INPUT FOR THIS TASK:
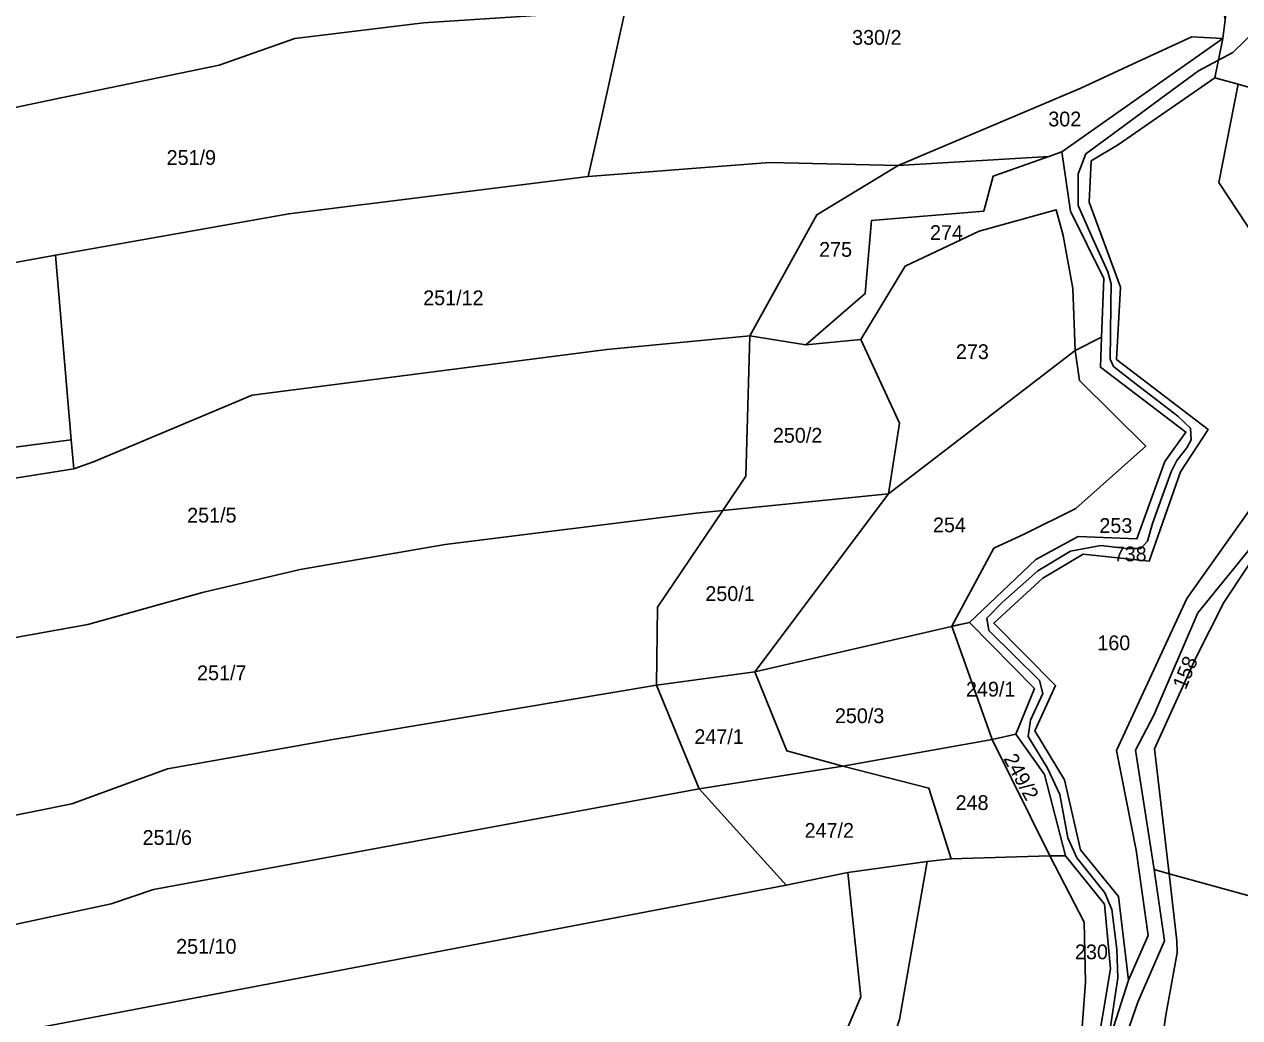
# Model space of a CAD drawing. Extents: x -629983 to -626385, y -1072828 to -1067897.
# Drawn here: x -627910.7 to -627663.6, y -1071057.2 to -1070855.3 of the extents above; entities that cross this region are included whole.
import ezdxf

# ---------------------------------------------------------------- set-up
doc = ezdxf.new("R2010")
doc.units = 0
for name, color, linetype in [('Lesy', 7, 'Continuous'), ('Parcela nároku', 7, 'Continuous'), ('Parcelní číslo', 7, 'Continuous'), ('Plocha PÚ', 7, 'Continuous'), ('Vnitřní obvod_šetřený', 7, 'Continuous'), ('voda', 7, 'Continuous')]:
    doc.layers.add(name, color=color, linetype=linetype)

msp = doc.modelspace()

# ---------------------------------------------------------------- linework, layer by layer
at = {"layer": 'Lesy'}
for p, q in [((-627702.4, -1070882.17), (-627733.04, -1070884.02)), ((-627713.9, -1071000.65), (-627709.08, -1070999.61))]:
    msp.add_line(p, q, dxfattribs=at)
for points in [[(-627763.16, -1070918.66), (-627751.82, -1070920.47), (-627739.75, -1070910.01), (-627738.41, -1070895.18), (-627715.62, -1070893.28), (-627713.72, -1070886.19), (-627702.4, -1070882.17), (-627699.77, -1070881.23)], [(-627768.7, -1070954.14), (-627734.96, -1070950.75), (-627697.03, -1070921.6), (-627691.66, -1070918.93)], [(-627782.13, -1070989.61), (-627762.15, -1070986.91), (-627722.2, -1070977.69), (-627718.53, -1070976.9)], [(-627773.5, -1071010.68), (-627744.25, -1071006.08), (-627713.9, -1071000.65)], [(-627699.02, -1071024.34), (-627702.18, -1071024.34), (-627722.26, -1071024.91), (-627727.14, -1071025.51), (-627743.28, -1071027.73)]]:
    msp.add_lwpolyline(points, dxfattribs=at)
at = {"layer": 'Parcela nároku'}
for points in [[(-627776.03, -1070817.67), (-627781.03, -1070818.65), (-627781.59, -1070821.17), (-627788.59, -1070852.77), (-627793.29, -1070873.99), (-627796.08, -1070886.23), (-627759.08, -1070883.39), (-627733.04, -1070884.02), (-627695.86, -1070868.29), (-627684.37, -1070862.94), (-627673.34, -1070857.87), (-627667.02, -1070858.18), (-627666.57, -1070854.4), (-627669.26, -1070837.49), (-627680.55, -1070832.34), (-627686.39, -1070830.88), (-627692.88, -1070830.18), (-627693.06, -1070825.67), (-627704.19, -1070823.07), (-627730.21, -1070817.05), (-627744.9, -1070815.04)], [(-627801.49, -1070822.34), (-627781.59, -1070821.17), (-627788.59, -1070852.77), (-627795.23, -1070852.8), (-627829.54, -1070855.03), (-627855.66, -1070858.18), (-627871.1, -1070863.63), (-627903.55, -1070870.3), (-627965.1, -1070883.25), (-627964.44, -1070878.78), (-627949.1, -1070853.24), (-627939.64, -1070842.36), (-627915.75, -1070837.66), (-627910.72, -1070836.78), (-627868.6, -1070829.4), (-627844.7, -1070826.54), (-627829.74, -1070827.42), (-627824.59, -1070826.82), (-627818.12, -1070823.77)], [(-627969.54, -1070913.45), (-627965.1, -1070883.25), (-627903.55, -1070870.3), (-627871.1, -1070863.63), (-627855.66, -1070858.18), (-627829.54, -1070855.03), (-627795.23, -1070852.8), (-627788.59, -1070852.77), (-627793.29, -1070873.99), (-627796.08, -1070886.23), (-627856.91, -1070893.83), (-627904.38, -1070902.22), (-627956.41, -1070911.75), (-627967.36, -1070913.5)], [(-627684.37, -1070862.94), (-627673.34, -1070857.87), (-627667.02, -1070858.18), (-627699.77, -1070881.23), (-627702.4, -1070882.17), (-627733.04, -1070884.02), (-627695.86, -1070868.29)], [(-627709.08, -1070999.61), (-627705.31, -1070990.3), (-627718.53, -1070976.9), (-627705.04, -1070964.09), (-627696.41, -1070959.41), (-627684.49, -1070959.86), (-627678.83, -1070944.19), (-627674.53, -1070938.2), (-627691.89, -1070925.02), (-627691.66, -1070918.93), (-627691.21, -1070906.96), (-627697.95, -1070893.27), (-627699.77, -1070881.23), (-627667.02, -1070858.18), (-627668.65, -1070866.2), (-627688.23, -1070879.74), (-627693.76, -1070883.07), (-627694.19, -1070891.48), (-627687.81, -1070908.71), (-627688.65, -1070923.45), (-627670, -1070937.7), (-627675.65, -1070946.29), (-627682.02, -1070964.46), (-627695.43, -1070963.01), (-627703.62, -1070967.89), (-627713.58, -1070977.02), (-627701.03, -1070989.72), (-627705.23, -1070998.92), (-627699.23, -1071008.89), (-627695.93, -1071023.12), (-627688.23, -1071032.59), (-627686.17, -1071049.62), (-627694.72, -1071076.38), (-627689.88, -1071047.31), (-627691.1, -1071034.14), (-627699.02, -1071024.34), (-627703.25, -1071007.78)], [(-627702.4, -1070882.17), (-627699.77, -1070881.23), (-627697.95, -1070893.27), (-627691.21, -1070906.96), (-627691.66, -1070918.93), (-627697.03, -1070921.6), (-627697.5, -1070908.99), (-627699.46, -1070898.26), (-627700.87, -1070893), (-627716.55, -1070897.35), (-627731.61, -1070904.46), (-627740.6, -1070919.36), (-627751.82, -1070920.47), (-627739.75, -1070910.01), (-627738.41, -1070895.18), (-627715.62, -1070893.28), (-627713.72, -1070886.19)], [(-627904.38, -1070902.22), (-627856.91, -1070893.83), (-627796.08, -1070886.23), (-627759.08, -1070883.39), (-627733.04, -1070884.02), (-627749.57, -1070894.02), (-627763.16, -1070918.66), (-627792.28, -1070921.41), (-627864.34, -1070930.66), (-627896.65, -1070944.27), (-627900.65, -1070945.66), (-627901.16, -1070939.77)], [(-627733.04, -1070884.02), (-627702.4, -1070882.17), (-627713.72, -1070886.19), (-627715.62, -1070893.28), (-627738.41, -1070895.18), (-627739.75, -1070910.01), (-627751.82, -1070920.47), (-627763.16, -1070918.66), (-627749.57, -1070894.02)], [(-627699.46, -1070898.26), (-627697.5, -1070908.99), (-627697.03, -1070921.6), (-627734.96, -1070950.75), (-627732.72, -1070936.39), (-627740.6, -1070919.36), (-627731.61, -1070904.46), (-627716.55, -1070897.35), (-627700.87, -1070893)], [(-627904.38, -1070902.22), (-627901.16, -1070939.77), (-627964.42, -1070948.04), (-627965.93, -1070922.44), (-627954.97, -1070920.68), (-627956.41, -1070911.75)], [(-627864.34, -1070930.66), (-627792.28, -1070921.41), (-627763.16, -1070918.66), (-627764.01, -1070947.18), (-627768.7, -1070954.14), (-627774.12, -1070954.69), (-627825.12, -1070961.06), (-627854.63, -1070966.13), (-627874.47, -1070970.81), (-627897.8, -1070977.31), (-627975.92, -1070991.3), (-627973.38, -1070957.36), (-627964.22, -1070955.75), (-627900.65, -1070945.66), (-627896.65, -1070944.27)], [(-627763.16, -1070918.66), (-627751.82, -1070920.47), (-627740.6, -1070919.36), (-627732.72, -1070936.39), (-627734.96, -1070950.75), (-627768.7, -1070954.14), (-627764.01, -1070947.18)], [(-627674.53, -1070938.2), (-627691.89, -1070925.02), (-627691.66, -1070918.93), (-627697.03, -1070921.6), (-627696.16, -1070927.73), (-627682.68, -1070941.05), (-627696.9, -1070953.7), (-627707.27, -1070958.89), (-627713.55, -1070961.76), (-627722.08, -1070977.63), (-627718.53, -1070976.9), (-627705.04, -1070964.09), (-627696.41, -1070959.41), (-627684.49, -1070959.86), (-627678.83, -1070944.19)], [(-627697.03, -1070921.6), (-627696.16, -1070927.73), (-627682.68, -1070941.05), (-627696.9, -1070953.7), (-627707.27, -1070958.89), (-627713.55, -1070961.76), (-627722.08, -1070977.63), (-627722.2, -1070977.69), (-627762.15, -1070986.91), (-627734.96, -1070950.75)], [(-627633.04, -1070934.28), (-627629.23, -1070934.48), (-627610.1, -1070939.85), (-627595.94, -1070943.82), (-627593.56, -1070944.49), (-627607.17, -1070975.87), (-627608.65, -1070982.03), (-627608.85, -1070996.03), (-627589.14, -1071052.37), (-627677.94, -1071028.02), (-627680.89, -1071002.55), (-627672.57, -1070984.19), (-627666.8, -1070972.82), (-627648.36, -1070945.08), (-627646.91, -1070943.45), (-627646.35, -1070936.1)], [(-627901.16, -1070939.77), (-627964.42, -1070948.04), (-627964.22, -1070955.75), (-627900.65, -1070945.66)], [(-627681.06, -1070995.72), (-627672.12, -1070974.94), (-627660.33, -1070960.45), (-627648.36, -1070945.08), (-627666.8, -1070972.82), (-627672.57, -1070984.19), (-627680.89, -1071002.55), (-627677.94, -1071028.02), (-627680.98, -1071027.09), (-627684.77, -1071002.85)], [(-627782.13, -1070989.61), (-627781.92, -1070973.76), (-627768.7, -1070954.14), (-627734.96, -1070950.75), (-627762.15, -1070986.91)], [(-627854.63, -1070966.13), (-627874.47, -1070970.81), (-627897.8, -1070977.31), (-627975.92, -1070991.3), (-627978.19, -1071021.66), (-627978.7, -1071031.04), (-627948.79, -1071023.35), (-627901.04, -1071013.77), (-627881.56, -1071006.67), (-627847.96, -1071000.67), (-627782.13, -1070989.61), (-627781.92, -1070973.76), (-627768.7, -1070954.14), (-627774.12, -1070954.69), (-627825.12, -1070961.06)], [(-627762.15, -1070986.91), (-627722.2, -1070977.69), (-627722.08, -1070977.63), (-627713.9, -1071000.65), (-627744.25, -1071006.08), (-627755.63, -1071003.01)], [(-627705.31, -1070990.3), (-627718.53, -1070976.9), (-627722.08, -1070977.63), (-627713.9, -1071000.65), (-627709.08, -1070999.61)], [(-627782.13, -1070989.61), (-627762.15, -1070986.91), (-627755.63, -1071003.01), (-627744.25, -1071006.08), (-627773.5, -1071010.68)], [(-627773.5, -1071010.68), (-627782.13, -1070989.61), (-627847.96, -1071000.67), (-627881.56, -1071006.67), (-627901.04, -1071013.77), (-627948.79, -1071023.35), (-627978.7, -1071031.04), (-627979.88, -1071052.75), (-627893.02, -1071034.08), (-627884.41, -1071031.17)], [(-627713.9, -1071000.65), (-627702.18, -1071024.34), (-627722.26, -1071024.91), (-627726.76, -1071010.57), (-627744.25, -1071006.08)], [(-627713.9, -1071000.65), (-627709.08, -1070999.61), (-627703.25, -1071007.78), (-627699.02, -1071024.34), (-627702.18, -1071024.34)], [(-627726.76, -1071010.57), (-627722.26, -1071024.91), (-627727.14, -1071025.51), (-627743.28, -1071027.73), (-627755.81, -1071030.27), (-627773.5, -1071010.68), (-627744.25, -1071006.08)], [(-627884.41, -1071031.17), (-627773.5, -1071010.68), (-627755.81, -1071030.27), (-627842.41, -1071046.8), (-627980.99, -1071073.17), (-627979.88, -1071052.75), (-627893.02, -1071034.08)], [(-627732.76, -1071057.61), (-627742.21, -1071086.89), (-627740.95, -1071096.51), (-627718.37, -1071093.78), (-627697.75, -1071094.07), (-627697.26, -1071080.89), (-627694.91, -1071049.98), (-627695.21, -1071037.83), (-627702.18, -1071024.34), (-627722.26, -1071024.91), (-627727.14, -1071025.51)], [(-627694.91, -1071049.98), (-627697.26, -1071080.89), (-627694.72, -1071076.38), (-627689.88, -1071047.31), (-627691.1, -1071034.14), (-627699.02, -1071024.34), (-627702.18, -1071024.34), (-627695.21, -1071037.83)], [(-627990.6, -1071134.13), (-627983.67, -1071096.07), (-627981.04, -1071074.18), (-627980.99, -1071073.17), (-627842.41, -1071046.8), (-627755.81, -1071030.27), (-627743.28, -1071027.73), (-627740.61, -1071053.02), (-627750.22, -1071075.54), (-627752.84, -1071100.75), (-627875.8, -1071126.47), (-627933.16, -1071141.74), (-627995.06, -1071154.04)], [(-627742.21, -1071086.89), (-627740.95, -1071096.51), (-627752.84, -1071100.75), (-627750.22, -1071075.54), (-627740.61, -1071053.02), (-627743.28, -1071027.73), (-627727.14, -1071025.51), (-627732.76, -1071057.61)], [(-627538.56, -1071194.21), (-627524.91, -1071234.88), (-627555.07, -1071238.31), (-627565.67, -1071214.8), (-627570.33, -1071210.92), (-627571.88, -1071209.62), (-627592.75, -1071192.23), (-627608.51, -1071161.77), (-627619.56, -1071140.72), (-627630.41, -1071134.09), (-627635.39, -1071116.68), (-627654.32, -1071103.18), (-627673.05, -1071079.5), (-627680.55, -1071070.62), (-627678.61, -1071056.69), (-627676.31, -1071044.06), (-627676.33, -1071041.64), (-627677.94, -1071028.02), (-627589.14, -1071052.37), (-627581.22, -1071076.02), (-627572.29, -1071106.16), (-627556.31, -1071148.68), (-627546.27, -1071173.51)]]:
    msp.add_lwpolyline(points, close=True, dxfattribs=at)
for points in [[(-627663.44, -1070819.25), (-627665.7, -1070829.55), (-627663.7, -1070828.83), (-627666.57, -1070854.4), (-627667.02, -1070858.18), (-627668.65, -1070866.2), (-627663.91, -1070867.45), (-627660.19, -1070868.57)], [(-627660.36, -1070898.79), (-627667.8, -1070887.49), (-627663.91, -1070867.45), (-627668.65, -1070866.2), (-627688.23, -1070879.74), (-627693.76, -1070883.07), (-627694.19, -1070891.48), (-627687.81, -1070908.71), (-627688.65, -1070923.45), (-627670, -1070937.7), (-627675.65, -1070946.29), (-627682.02, -1070964.46), (-627695.43, -1070963.01), (-627703.62, -1070967.89), (-627713.58, -1070977.02), (-627701.03, -1070989.72), (-627705.23, -1070998.92), (-627699.23, -1071008.89), (-627695.93, -1071023.12), (-627688.23, -1071032.59), (-627686.17, -1071049.62), (-627682.2, -1071040.54), (-627684.63, -1071023.21), (-627688.6, -1071002.91), (-627674.3, -1070972.05), (-627652.45, -1070941.16)], [(-627660.36, -1070898.79), (-627667.8, -1070887.49), (-627663.91, -1070867.45), (-627660.19, -1070868.57)], [(-627694.72, -1071076.38), (-627686.17, -1071049.62), (-627682.2, -1071040.54), (-627684.63, -1071023.21), (-627688.6, -1071002.91), (-627674.3, -1070972.05), (-627652.45, -1070941.16)], [(-627660.33, -1070960.45), (-627672.12, -1070974.94), (-627681.06, -1070995.72), (-627684.77, -1071002.85), (-627680.98, -1071027.09), (-627678.87, -1071041.58), (-627684.26, -1071054.09), (-627691.54, -1071074.97)], [(-627691.54, -1071074.97), (-627684.26, -1071054.09), (-627678.87, -1071041.58), (-627680.98, -1071027.09), (-627677.94, -1071028.02), (-627676.33, -1071041.64), (-627676.31, -1071044.06), (-627678.61, -1071056.69), (-627680.55, -1071070.62)]]:
    msp.add_lwpolyline(points, dxfattribs=at)
at = {"layer": 'Plocha PÚ'}
msp.add_lwpolyline([(-627666.57, -1070854.4), (-627667.02, -1070858.18), (-627673.34, -1070857.87), (-627684.37, -1070862.94), (-627695.86, -1070868.29), (-627733.04, -1070884.02), (-627759.08, -1070883.39), (-627796.08, -1070886.23), (-627793.29, -1070873.99), (-627788.59, -1070852.77)], dxfattribs=at)
msp.add_lwpolyline([(-627904.38, -1070902.22), (-627901.16, -1070939.77), (-627964.42, -1070948.04), (-627965.93, -1070922.44), (-627967.36, -1070913.5), (-627956.41, -1070911.75)], close=True, dxfattribs=at)
at = {"layer": 'Vnitřní obvod_šetřený'}
for p, q in [((-627793.29, -1070873.99), (-627788.59, -1070852.77)), ((-627666.57, -1070854.4), (-627667.02, -1070858.18)), ((-627673.34, -1070857.87), (-627684.37, -1070862.94)), ((-627667.02, -1070858.18), (-627673.34, -1070857.87)), ((-627684.37, -1070862.94), (-627695.86, -1070868.29)), ((-627695.86, -1070868.29), (-627733.04, -1070884.02)), ((-627796.08, -1070886.23), (-627793.29, -1070873.99)), ((-627759.08, -1070883.39), (-627796.08, -1070886.23)), ((-627733.04, -1070884.02), (-627759.08, -1070883.39)), ((-627956.41, -1070911.75), (-627904.38, -1070902.22)), ((-627904.38, -1070902.22), (-627901.16, -1070939.77)), ((-627901.16, -1070939.77), (-627964.42, -1070948.04))]:
    msp.add_line(p, q, dxfattribs=at)
at = {"layer": 'voda'}
msp.add_lwpolyline([(-627689.82, -1071059.06), (-627688.35, -1071049.16), (-627688.58, -1071043.29), (-627689.59, -1071035.23), (-627691.01, -1071031.83), (-627696.72, -1071024.76), (-627698.52, -1071020.65), (-627700.12, -1071011.85), (-627702.69, -1071006.52), (-627706.6, -1071000.04), (-627706.09, -1070996.76), (-627703.58, -1070991.36), (-627704.29, -1070988.67), (-627709.43, -1070983.59), (-627714.57, -1070978.51), (-627715.01, -1070976.01), (-627711.8, -1070972.8), (-627704.61, -1070966.4), (-627697.97, -1070962.4), (-627691.8, -1070961.26), (-627686.63, -1070961.89), (-627683.66, -1070961.85), (-627682.3, -1070960.38), (-627681.31, -1070956.75), (-627679.42, -1070951.51), (-627677.53, -1070946.27), (-627676.36, -1070943.94), (-627674.36, -1070941.38), (-627673.42, -1070939.76), (-627673.59, -1070937.39), (-627676.19, -1070934.98), (-627680.55, -1070931.6), (-627684.91, -1070928.22), (-627689.27, -1070924.84), (-627689.94, -1070923.36), (-627689.87, -1070918.28), (-627689.79, -1070912.24), (-627689.73, -1070908.07), (-627690.39, -1070905.63), (-627693.41, -1070898.89), (-627696.43, -1070892.15), (-627696.44, -1070885.67), (-627694.87, -1070881.62), (-627687.23, -1070876), (-627679.59, -1070870.38), (-627671.95, -1070864.76), (-627664.98, -1070861.05), (-627660.03, -1070856.22)], dxfattribs=at)

# ---------------------------------------------------------------- texts
at = {"layer": 'Parcelní číslo'}
for s, p in [('330/2', (-627742.38, -1070859.47)), ('302', (-627702.5, -1070876.06)), ('251/9', (-627881.75, -1070883.88)), ('274', (-627726.54, -1070899.14)), ('275', (-627749.09, -1070902.57)), ('251/12', (-627829.59, -1070912.4)), ('273', (-627721.28, -1070923.35)), ('250/2', (-627758.49, -1070940.35)), ('251/5', (-627877.58, -1070956.59)), ('254', (-627725.94, -1070958.56)), ('253', (-627692.11, -1070958.69)), ('738', (-627689.19, -1070964.46)), ('250/1', (-627772.22, -1070972.53)), ('160', (-627692.53, -1070982.53)), ('251/7', (-627875.56, -1070988.63)), ('249/1', (-627719.23, -1070991.95)), ('250/3', (-627745.88, -1070997.35)), ('247/1', (-627774.45, -1071001.6)), ('248', (-627721.34, -1071015.01)), ('247/2', (-627752.05, -1071020.66)), ('251/6', (-627886.64, -1071022.1)), ('251/10', (-627879.82, -1071044.23)), ('230', (-627697.07, -1071045.35))]:
    msp.add_text(s, height=3, dxfattribs=at).set_placement(p)
for s, rotation, p in [('158', 67.7298, (-627674.56, -1070990.73)), ('249/2', 298.4294, (-627711.71, -1071004.56))]:
    msp.add_text(s, height=3, rotation=rotation, dxfattribs=at).set_placement(p)

doc.saveas('drawing.dxf')

EXERCISE DETAILS:
Reply with a number alone, the number of lines of the records that hold the word "číslo".

RESULT:
2